You see the plants are giving me new growth but the only at the the very top of the plants, and the bottom seems to be dying off.

What's wrong here????


----------



## titan97 (Feb 14, 2005)

The Watts-per-gallon "rule" applies to the actual wattage of the fluorescent, not the comparible incandescent wattage. So, no, you don't have 115W, you have 35W. 35W in 40gal is less than 1.0 wpg, so don't expect to grow things very quickly. Some low light plants can be found in the PlantFinder, listed on the bar. 
And it sounds like your tank is pretty tall, so you will want to increase your total wattage if you want better growth. For a moderate light setup, try getting to 80-120W. This should give you the equivilent of 1.5 to 2 wpg. 
How are you adding CO2? What ferts are you using? What are your other tank parameters (nitrate, gh, phosphate, etc)?

-Dustin


----------



## Aquafreak (Jul 25, 2005)

*Good to know*



titan97 said:


> The Watts-per-gallon "rule" applies to the actual wattage of the fluorescent, not the comparible incandescent wattage. So, no, you don't have 115W, you have 35W. 35W in 40gal is less than 1.0 wpg, so don't expect to grow things very quickly. Some low light plants can be found in the PlantFinder, listed on the bar.
> And it sounds like your tank is pretty tall, so you will want to increase your total wattage if you want better growth. For a moderate light setup, try getting to 80-120W. This should give you the equivilent of 1.5 to 2 wpg.
> How are you adding CO2? What ferts are you using? What are your other tank parameters (nitrate, gh, phosphate, etc)?
> 
> -Dustin


Good to know!! thank you for clarifying this.

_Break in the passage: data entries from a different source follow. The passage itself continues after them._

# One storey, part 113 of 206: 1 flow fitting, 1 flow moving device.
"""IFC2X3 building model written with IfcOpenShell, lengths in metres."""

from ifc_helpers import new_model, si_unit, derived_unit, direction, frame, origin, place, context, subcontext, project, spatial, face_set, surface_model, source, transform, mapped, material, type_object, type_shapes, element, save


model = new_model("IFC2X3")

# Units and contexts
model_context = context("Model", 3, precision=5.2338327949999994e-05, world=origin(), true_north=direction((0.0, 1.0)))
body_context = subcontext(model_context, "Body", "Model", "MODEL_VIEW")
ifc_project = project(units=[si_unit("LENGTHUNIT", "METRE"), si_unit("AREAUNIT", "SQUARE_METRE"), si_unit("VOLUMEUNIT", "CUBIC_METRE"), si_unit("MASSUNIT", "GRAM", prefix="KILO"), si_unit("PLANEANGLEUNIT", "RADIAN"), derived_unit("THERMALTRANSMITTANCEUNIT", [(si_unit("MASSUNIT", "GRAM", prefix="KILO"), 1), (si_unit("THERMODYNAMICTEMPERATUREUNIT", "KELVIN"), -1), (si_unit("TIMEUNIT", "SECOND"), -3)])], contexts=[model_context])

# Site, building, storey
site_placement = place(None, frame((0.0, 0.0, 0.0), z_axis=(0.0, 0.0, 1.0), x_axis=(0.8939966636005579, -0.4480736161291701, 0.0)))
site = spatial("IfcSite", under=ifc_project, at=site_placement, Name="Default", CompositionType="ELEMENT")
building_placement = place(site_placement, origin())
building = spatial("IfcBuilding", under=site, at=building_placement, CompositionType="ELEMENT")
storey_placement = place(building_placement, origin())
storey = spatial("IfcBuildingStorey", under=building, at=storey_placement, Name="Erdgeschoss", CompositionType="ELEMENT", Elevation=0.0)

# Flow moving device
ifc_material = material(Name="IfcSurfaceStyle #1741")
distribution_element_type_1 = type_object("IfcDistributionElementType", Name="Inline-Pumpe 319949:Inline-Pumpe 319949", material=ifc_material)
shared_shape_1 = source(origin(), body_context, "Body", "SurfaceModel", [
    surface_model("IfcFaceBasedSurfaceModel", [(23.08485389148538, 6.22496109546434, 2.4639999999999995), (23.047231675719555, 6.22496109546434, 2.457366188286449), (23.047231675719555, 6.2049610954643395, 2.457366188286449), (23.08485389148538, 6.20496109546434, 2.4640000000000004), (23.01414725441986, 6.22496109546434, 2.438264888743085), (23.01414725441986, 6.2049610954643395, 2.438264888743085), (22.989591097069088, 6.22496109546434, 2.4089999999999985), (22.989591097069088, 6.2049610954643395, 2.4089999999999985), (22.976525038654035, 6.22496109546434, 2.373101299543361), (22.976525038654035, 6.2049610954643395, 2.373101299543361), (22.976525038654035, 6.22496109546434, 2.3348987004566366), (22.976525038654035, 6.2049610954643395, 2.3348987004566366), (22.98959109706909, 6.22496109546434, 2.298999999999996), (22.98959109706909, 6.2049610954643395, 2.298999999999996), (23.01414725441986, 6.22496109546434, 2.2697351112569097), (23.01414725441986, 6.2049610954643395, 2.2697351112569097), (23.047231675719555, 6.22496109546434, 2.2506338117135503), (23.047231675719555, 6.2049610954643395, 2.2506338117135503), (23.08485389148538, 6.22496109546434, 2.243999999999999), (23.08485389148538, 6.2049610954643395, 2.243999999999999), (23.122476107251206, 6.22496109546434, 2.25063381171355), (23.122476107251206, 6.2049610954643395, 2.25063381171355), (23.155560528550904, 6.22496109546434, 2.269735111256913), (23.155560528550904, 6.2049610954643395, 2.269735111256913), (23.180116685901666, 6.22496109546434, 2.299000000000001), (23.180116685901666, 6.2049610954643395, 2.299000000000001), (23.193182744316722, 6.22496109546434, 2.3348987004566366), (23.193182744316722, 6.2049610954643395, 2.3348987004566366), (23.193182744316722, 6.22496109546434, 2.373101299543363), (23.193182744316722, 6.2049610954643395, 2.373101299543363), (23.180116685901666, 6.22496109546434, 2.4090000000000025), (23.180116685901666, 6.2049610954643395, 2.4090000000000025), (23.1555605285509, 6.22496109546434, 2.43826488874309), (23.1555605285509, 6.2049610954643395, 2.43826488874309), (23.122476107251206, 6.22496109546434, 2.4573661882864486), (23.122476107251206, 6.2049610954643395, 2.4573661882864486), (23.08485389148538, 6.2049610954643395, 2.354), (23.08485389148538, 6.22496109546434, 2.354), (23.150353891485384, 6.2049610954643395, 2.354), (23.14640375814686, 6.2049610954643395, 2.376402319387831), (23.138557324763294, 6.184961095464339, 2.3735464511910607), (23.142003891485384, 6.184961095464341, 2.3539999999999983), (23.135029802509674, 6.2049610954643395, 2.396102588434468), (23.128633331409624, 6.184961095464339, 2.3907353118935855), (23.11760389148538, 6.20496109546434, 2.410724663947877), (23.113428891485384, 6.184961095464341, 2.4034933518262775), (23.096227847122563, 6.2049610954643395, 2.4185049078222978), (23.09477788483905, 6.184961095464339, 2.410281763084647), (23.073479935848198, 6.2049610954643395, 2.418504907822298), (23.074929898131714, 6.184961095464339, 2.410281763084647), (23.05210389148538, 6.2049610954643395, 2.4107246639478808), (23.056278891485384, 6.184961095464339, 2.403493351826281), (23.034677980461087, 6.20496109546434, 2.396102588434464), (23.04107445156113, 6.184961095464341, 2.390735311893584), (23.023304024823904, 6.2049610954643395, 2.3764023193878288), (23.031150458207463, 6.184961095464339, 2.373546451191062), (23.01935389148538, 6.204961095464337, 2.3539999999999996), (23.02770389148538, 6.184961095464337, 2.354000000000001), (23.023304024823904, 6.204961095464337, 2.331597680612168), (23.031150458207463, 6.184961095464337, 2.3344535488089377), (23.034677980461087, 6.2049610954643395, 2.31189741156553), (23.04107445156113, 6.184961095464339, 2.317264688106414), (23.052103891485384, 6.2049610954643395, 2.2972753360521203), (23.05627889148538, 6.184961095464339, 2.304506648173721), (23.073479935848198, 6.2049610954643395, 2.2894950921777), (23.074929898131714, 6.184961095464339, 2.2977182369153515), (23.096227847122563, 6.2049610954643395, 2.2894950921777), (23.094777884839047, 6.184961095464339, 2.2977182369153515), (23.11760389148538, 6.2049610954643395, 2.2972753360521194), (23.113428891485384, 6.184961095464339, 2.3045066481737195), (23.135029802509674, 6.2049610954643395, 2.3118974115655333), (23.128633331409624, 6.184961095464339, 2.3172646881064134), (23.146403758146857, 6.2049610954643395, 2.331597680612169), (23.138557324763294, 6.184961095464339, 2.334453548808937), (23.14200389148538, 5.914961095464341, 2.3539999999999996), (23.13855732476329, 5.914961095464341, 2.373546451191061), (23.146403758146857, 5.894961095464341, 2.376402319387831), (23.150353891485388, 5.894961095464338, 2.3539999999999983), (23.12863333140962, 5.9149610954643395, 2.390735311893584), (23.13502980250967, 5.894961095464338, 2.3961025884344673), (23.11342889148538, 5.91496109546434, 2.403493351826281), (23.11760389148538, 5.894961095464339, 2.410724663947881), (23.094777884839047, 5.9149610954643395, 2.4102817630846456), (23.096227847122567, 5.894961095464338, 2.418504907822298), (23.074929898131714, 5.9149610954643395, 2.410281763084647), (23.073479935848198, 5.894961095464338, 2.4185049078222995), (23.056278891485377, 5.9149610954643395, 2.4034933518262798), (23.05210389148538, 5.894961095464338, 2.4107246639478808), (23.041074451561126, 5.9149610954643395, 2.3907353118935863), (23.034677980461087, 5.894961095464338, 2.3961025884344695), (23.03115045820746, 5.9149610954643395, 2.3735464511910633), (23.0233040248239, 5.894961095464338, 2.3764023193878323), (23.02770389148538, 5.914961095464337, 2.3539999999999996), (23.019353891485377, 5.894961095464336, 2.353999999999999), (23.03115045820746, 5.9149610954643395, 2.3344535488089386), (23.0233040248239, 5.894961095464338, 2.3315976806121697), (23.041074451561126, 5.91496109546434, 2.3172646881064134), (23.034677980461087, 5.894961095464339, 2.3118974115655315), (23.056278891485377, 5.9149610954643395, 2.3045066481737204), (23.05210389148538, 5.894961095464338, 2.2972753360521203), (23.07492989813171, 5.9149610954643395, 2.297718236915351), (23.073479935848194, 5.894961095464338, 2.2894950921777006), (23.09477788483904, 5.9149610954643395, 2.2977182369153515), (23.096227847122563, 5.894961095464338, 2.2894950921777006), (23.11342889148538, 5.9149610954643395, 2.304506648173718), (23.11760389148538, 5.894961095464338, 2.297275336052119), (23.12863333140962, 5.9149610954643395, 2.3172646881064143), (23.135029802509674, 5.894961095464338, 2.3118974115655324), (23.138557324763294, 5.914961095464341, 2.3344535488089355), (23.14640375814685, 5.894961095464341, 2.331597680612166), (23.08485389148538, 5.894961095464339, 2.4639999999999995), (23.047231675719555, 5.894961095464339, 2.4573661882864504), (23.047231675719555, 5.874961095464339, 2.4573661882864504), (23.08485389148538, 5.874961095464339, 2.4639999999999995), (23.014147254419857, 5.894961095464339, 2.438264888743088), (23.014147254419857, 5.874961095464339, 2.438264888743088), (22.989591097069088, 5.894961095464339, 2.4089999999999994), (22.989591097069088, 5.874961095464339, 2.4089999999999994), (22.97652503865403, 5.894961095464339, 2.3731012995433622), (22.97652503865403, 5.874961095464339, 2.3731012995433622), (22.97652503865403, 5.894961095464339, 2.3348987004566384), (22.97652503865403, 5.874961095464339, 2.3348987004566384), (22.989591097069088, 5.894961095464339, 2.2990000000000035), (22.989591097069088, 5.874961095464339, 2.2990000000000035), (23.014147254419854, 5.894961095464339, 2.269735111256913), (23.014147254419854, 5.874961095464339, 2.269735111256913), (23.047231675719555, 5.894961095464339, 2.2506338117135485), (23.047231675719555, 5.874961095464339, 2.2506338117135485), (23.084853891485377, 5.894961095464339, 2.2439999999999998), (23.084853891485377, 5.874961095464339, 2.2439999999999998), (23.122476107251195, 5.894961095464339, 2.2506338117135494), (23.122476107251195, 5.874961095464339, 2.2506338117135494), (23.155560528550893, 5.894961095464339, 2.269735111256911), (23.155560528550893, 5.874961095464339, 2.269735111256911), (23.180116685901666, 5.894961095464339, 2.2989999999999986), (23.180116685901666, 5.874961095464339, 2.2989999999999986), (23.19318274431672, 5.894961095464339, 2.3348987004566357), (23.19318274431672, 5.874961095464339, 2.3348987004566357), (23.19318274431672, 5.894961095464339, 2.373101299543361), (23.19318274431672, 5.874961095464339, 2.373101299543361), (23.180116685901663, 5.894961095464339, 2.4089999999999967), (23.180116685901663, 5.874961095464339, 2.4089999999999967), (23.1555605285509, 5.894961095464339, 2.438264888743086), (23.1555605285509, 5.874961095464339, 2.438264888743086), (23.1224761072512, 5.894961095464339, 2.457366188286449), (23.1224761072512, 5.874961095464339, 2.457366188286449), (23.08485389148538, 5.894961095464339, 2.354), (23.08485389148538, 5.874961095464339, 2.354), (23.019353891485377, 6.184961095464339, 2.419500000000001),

I am running a yeast CO2 system (DIY) 1 bubble per second through my fluval 304, have not taken a gh or phosphate test as of yet. Will do upon arrival tonight and let you know tommorrow.

But the question now is what to do with the lights I have 18" fluorescent capability but everything I am seeing is truly too weak. Maximum 15 watts per strip is what I have seen is there anything else out there that I can use.

I am using Big Al's plant food supplement which they guaranteed me had everything I need in it.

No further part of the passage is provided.